## RECORDS FOR THIS EXERCISE
▼

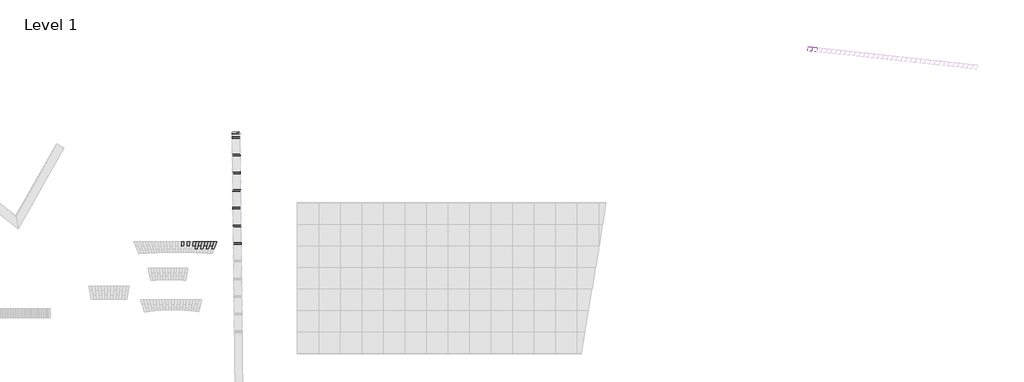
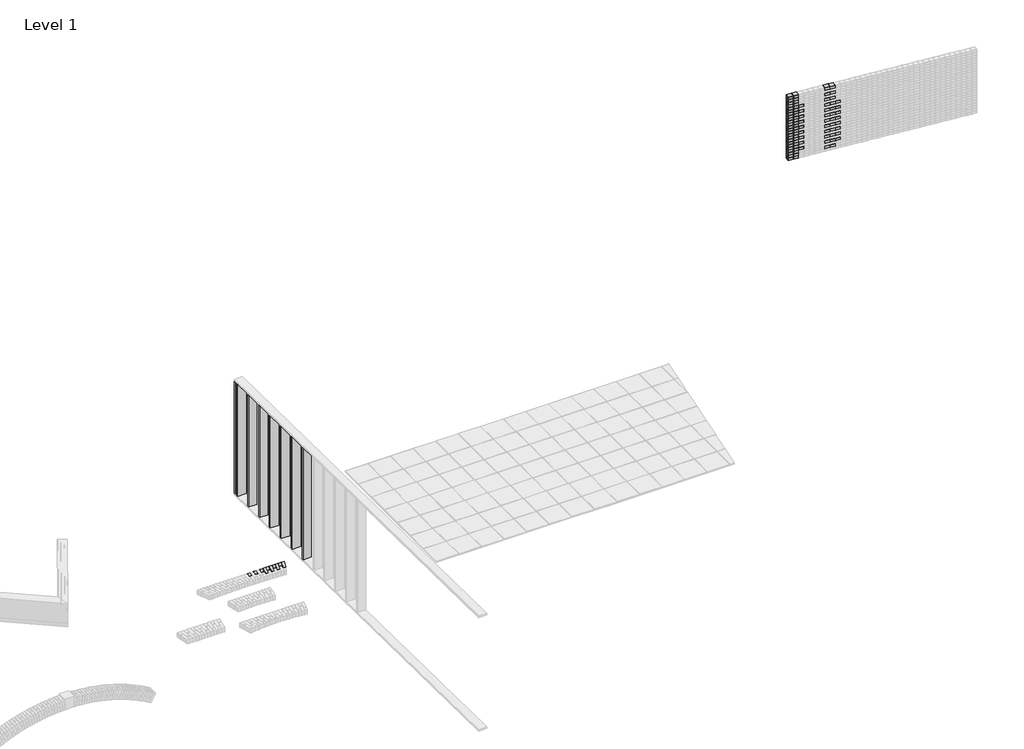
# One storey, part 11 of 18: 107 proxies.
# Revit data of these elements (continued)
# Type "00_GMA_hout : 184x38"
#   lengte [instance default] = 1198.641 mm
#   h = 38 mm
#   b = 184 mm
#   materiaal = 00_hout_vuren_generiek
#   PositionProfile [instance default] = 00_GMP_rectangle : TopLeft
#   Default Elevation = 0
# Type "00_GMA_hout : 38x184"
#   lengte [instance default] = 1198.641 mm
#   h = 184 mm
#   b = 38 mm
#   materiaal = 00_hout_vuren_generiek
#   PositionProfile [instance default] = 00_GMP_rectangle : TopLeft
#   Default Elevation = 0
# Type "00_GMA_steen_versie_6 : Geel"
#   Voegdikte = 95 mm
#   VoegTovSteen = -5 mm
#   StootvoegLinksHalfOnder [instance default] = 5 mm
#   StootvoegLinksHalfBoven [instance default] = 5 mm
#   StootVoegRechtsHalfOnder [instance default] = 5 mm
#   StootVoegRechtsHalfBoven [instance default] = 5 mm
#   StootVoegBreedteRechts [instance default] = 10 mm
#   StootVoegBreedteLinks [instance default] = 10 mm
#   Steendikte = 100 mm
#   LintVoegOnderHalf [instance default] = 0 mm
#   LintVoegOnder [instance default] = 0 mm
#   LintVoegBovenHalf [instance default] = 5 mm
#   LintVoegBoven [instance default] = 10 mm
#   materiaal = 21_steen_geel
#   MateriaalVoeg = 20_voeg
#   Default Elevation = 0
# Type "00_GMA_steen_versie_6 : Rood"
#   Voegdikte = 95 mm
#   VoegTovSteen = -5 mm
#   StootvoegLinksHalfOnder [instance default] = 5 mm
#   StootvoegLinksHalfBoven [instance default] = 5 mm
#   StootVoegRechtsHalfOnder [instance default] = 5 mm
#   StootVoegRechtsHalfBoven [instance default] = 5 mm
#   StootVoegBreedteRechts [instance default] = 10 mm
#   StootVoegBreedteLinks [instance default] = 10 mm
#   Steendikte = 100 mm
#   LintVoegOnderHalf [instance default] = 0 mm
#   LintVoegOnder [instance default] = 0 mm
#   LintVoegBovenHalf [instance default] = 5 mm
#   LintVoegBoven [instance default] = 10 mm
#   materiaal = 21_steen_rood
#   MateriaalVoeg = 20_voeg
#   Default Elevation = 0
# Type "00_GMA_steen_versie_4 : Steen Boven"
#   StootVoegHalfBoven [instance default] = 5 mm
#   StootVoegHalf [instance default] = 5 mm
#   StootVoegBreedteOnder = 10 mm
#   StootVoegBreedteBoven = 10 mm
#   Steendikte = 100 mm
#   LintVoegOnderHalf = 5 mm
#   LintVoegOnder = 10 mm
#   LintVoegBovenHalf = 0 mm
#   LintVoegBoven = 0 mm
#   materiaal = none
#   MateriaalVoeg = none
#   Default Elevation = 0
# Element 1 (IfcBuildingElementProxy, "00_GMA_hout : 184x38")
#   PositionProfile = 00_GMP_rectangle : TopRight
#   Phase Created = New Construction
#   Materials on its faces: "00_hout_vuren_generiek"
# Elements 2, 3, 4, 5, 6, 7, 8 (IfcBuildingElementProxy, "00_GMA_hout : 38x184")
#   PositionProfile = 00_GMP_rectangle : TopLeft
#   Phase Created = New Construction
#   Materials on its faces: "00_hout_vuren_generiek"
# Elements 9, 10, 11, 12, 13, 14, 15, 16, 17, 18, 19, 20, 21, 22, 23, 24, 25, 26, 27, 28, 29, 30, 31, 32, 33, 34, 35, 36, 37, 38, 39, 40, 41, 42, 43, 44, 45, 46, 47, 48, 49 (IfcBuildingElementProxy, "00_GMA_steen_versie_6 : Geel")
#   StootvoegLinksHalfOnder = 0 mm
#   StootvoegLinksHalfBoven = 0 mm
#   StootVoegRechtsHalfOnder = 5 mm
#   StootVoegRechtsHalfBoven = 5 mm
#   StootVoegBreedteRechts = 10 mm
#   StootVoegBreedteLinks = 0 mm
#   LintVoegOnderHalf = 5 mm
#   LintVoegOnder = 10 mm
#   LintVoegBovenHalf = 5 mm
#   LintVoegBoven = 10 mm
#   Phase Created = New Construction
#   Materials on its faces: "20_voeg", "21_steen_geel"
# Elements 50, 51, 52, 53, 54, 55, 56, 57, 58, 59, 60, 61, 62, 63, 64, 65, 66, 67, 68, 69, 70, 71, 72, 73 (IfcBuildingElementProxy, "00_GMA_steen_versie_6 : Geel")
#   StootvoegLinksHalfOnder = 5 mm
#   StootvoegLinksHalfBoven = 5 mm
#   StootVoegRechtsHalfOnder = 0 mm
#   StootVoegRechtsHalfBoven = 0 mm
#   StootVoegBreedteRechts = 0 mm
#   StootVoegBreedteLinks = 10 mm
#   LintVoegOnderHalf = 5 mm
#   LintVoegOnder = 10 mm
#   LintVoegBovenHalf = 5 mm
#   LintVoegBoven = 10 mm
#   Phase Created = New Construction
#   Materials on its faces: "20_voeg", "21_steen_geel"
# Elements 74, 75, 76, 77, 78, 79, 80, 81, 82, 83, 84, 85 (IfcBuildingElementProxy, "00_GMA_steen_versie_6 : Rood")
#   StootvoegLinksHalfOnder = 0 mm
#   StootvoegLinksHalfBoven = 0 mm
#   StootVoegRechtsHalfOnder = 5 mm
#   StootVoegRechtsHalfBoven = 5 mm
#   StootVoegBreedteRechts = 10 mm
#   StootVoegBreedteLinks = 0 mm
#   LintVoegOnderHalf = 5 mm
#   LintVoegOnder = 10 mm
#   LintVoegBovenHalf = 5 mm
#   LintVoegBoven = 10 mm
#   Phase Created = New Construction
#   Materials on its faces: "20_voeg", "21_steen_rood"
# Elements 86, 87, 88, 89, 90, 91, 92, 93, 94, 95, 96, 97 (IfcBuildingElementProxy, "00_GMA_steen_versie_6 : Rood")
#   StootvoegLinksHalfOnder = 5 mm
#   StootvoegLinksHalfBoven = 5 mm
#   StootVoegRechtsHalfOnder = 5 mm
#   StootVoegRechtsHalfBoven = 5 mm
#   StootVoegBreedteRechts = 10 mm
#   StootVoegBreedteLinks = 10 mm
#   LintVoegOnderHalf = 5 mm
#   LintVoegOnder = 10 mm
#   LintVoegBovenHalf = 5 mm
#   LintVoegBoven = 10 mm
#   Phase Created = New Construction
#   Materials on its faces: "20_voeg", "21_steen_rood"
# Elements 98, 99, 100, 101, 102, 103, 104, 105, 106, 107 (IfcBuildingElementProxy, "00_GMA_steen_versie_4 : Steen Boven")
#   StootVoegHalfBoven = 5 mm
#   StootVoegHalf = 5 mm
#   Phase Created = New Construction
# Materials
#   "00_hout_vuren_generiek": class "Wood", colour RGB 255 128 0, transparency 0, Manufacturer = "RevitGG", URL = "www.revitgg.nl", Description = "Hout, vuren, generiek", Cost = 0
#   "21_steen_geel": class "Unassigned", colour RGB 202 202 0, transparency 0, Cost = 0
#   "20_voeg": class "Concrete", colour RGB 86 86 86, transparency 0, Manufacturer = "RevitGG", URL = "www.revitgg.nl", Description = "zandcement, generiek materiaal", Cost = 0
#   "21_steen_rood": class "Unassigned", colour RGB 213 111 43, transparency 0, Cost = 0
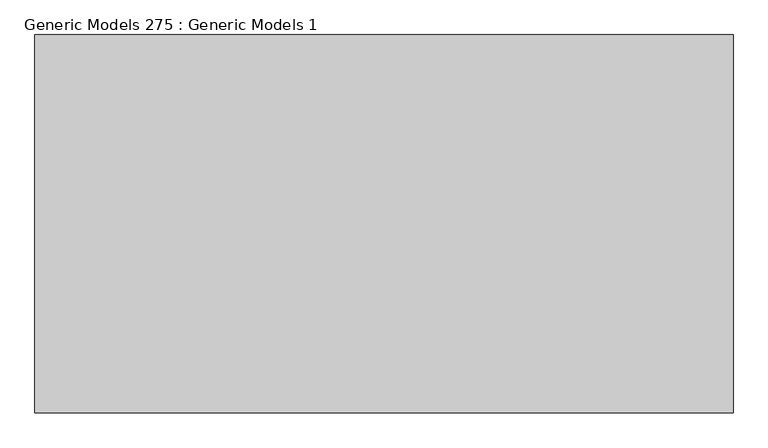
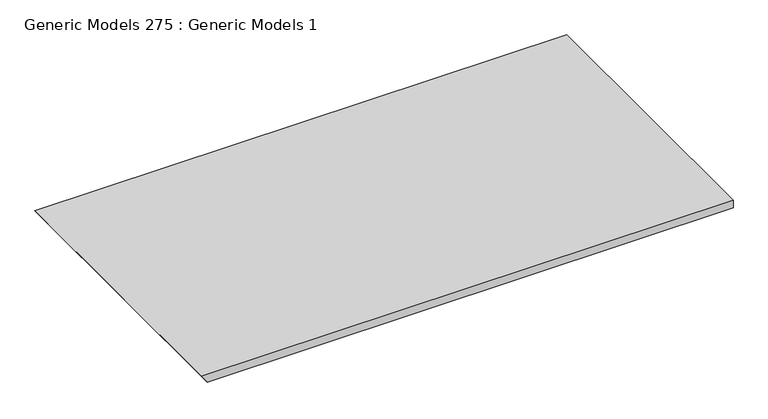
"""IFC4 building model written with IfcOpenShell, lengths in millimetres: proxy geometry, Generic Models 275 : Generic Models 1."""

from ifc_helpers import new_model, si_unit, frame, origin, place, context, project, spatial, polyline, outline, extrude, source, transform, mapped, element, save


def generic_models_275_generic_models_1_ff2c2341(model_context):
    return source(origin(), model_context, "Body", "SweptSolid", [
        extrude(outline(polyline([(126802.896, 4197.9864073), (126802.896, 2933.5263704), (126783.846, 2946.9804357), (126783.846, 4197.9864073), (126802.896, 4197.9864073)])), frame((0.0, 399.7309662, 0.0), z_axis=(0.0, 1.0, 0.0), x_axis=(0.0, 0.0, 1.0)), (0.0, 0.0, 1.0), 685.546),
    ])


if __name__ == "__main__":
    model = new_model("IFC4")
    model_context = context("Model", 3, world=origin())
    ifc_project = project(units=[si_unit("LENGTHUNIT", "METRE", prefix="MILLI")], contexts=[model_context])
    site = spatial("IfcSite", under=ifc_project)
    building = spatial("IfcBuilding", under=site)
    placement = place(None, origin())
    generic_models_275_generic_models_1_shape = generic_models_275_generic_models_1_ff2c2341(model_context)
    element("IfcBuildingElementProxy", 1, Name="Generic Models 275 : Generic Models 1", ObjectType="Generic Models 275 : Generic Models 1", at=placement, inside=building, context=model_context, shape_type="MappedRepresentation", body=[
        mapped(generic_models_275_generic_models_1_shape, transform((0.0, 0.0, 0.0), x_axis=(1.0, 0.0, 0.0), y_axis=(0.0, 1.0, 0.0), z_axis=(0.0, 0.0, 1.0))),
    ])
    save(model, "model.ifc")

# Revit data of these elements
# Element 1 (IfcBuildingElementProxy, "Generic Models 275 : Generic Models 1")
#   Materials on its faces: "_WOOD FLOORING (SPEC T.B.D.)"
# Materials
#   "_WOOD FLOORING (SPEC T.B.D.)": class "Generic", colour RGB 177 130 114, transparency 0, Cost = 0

▲

## TASK REQUIREMENTS
Output the lines from the one with "placement = place(None, origin())" to the final line of the entries above, exactly as they stand, please, and nothing else.

## SOLUTION TO THE PROBLEM
    placement = place(None, origin())
    generic_models_275_generic_models_1_shape = generic_models_275_generic_models_1_ff2c2341(model_context)
    element("IfcBuildingElementProxy", 1, Name="Generic Models 275 : Generic Models 1", ObjectType="Generic Models 275 : Generic Models 1", at=placement, inside=building, context=model_context, shape_type="MappedRepresentation", body=[
        mapped(generic_models_275_generic_models_1_shape, transform((0.0, 0.0, 0.0), x_axis=(1.0, 0.0, 0.0), y_axis=(0.0, 1.0, 0.0), z_axis=(0.0, 0.0, 1.0))),
    ])
    save(model, "model.ifc")

# Revit data of these elements
# Element 1 (IfcBuildingElementProxy, "Generic Models 275 : Generic Models 1")
#   Materials on its faces: "_WOOD FLOORING (SPEC T.B.D.)"
# Materials
#   "_WOOD FLOORING (SPEC T.B.D.)": class "Generic", colour RGB 177 130 114, transparency 0, Cost = 0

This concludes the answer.